**WHAT TO PRODUCE:**
The word "Battery" marks the lines you need; copy each of them from the data.

**STORED DATA:**

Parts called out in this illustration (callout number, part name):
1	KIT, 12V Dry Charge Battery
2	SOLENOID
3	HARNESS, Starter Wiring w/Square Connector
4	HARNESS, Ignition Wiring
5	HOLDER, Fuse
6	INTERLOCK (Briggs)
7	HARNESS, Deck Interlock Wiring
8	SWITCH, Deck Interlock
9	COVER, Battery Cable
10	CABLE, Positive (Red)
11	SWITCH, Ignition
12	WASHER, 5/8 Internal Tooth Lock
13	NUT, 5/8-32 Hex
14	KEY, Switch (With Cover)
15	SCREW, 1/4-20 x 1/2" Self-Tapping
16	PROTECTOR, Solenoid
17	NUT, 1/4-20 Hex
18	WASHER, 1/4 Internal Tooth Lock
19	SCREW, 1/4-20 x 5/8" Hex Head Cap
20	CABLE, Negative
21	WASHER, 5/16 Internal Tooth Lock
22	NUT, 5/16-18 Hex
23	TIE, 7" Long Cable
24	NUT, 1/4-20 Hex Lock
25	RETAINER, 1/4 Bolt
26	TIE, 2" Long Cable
==
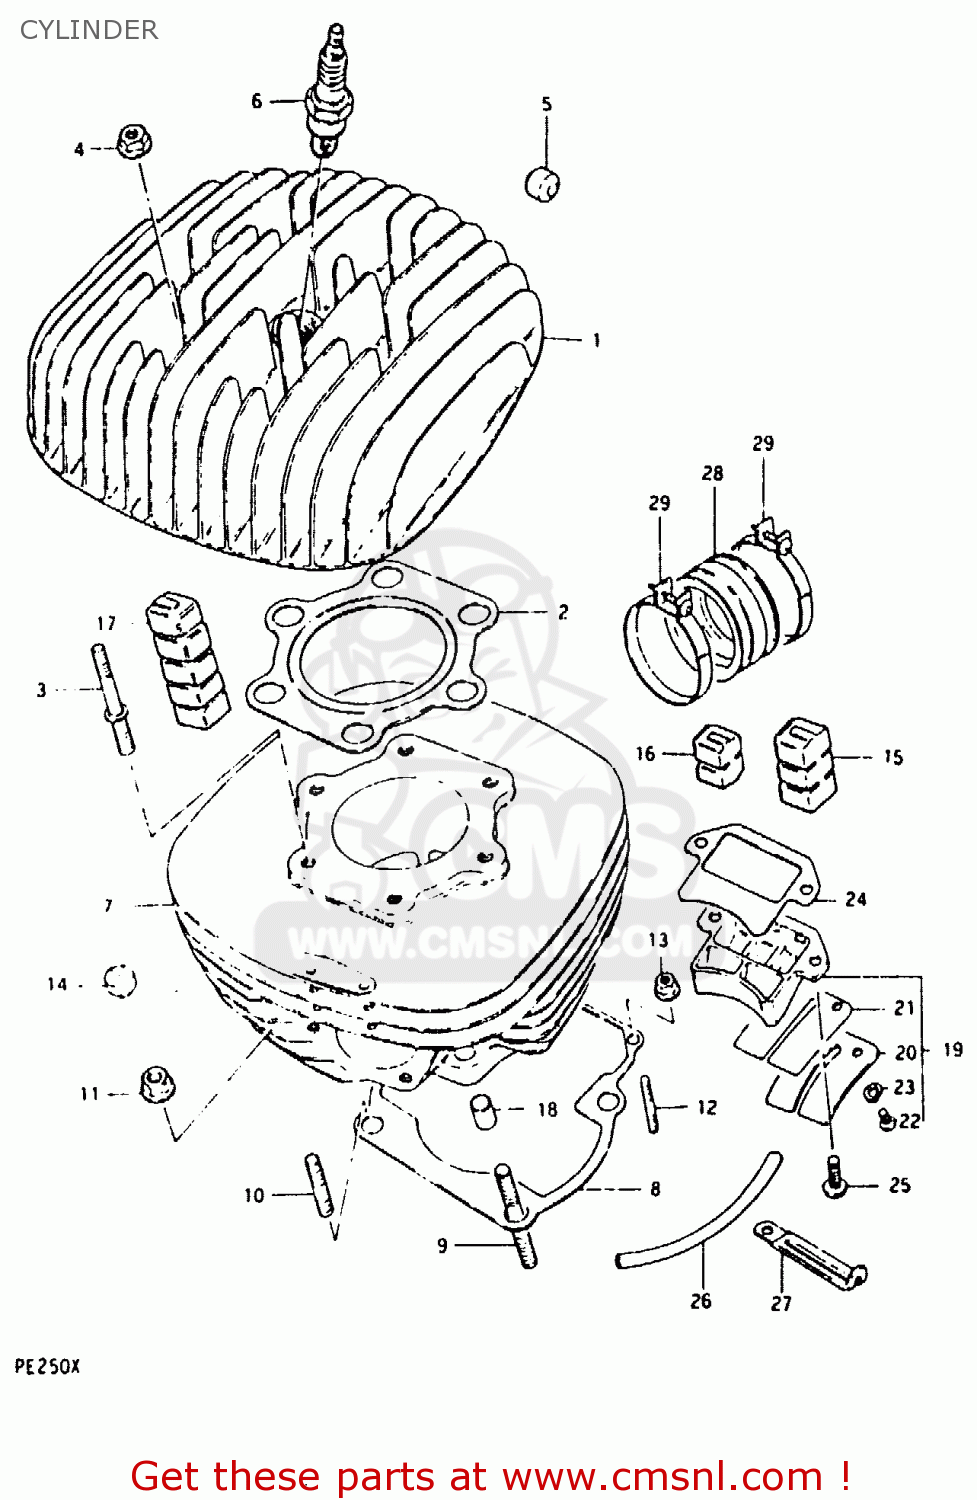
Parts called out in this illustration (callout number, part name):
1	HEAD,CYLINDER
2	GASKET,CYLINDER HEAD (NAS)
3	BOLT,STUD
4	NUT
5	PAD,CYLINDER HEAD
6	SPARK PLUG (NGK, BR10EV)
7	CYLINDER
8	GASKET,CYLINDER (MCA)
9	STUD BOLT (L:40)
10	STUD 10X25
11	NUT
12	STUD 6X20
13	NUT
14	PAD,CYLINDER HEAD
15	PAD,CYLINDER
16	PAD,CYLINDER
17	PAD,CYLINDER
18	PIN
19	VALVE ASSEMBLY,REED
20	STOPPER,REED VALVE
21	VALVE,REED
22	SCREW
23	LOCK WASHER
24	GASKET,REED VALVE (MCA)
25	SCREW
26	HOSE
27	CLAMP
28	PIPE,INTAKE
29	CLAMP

**RESULT:**
1	KIT, 12V Dry Charge Battery
9	COVER, Battery Cable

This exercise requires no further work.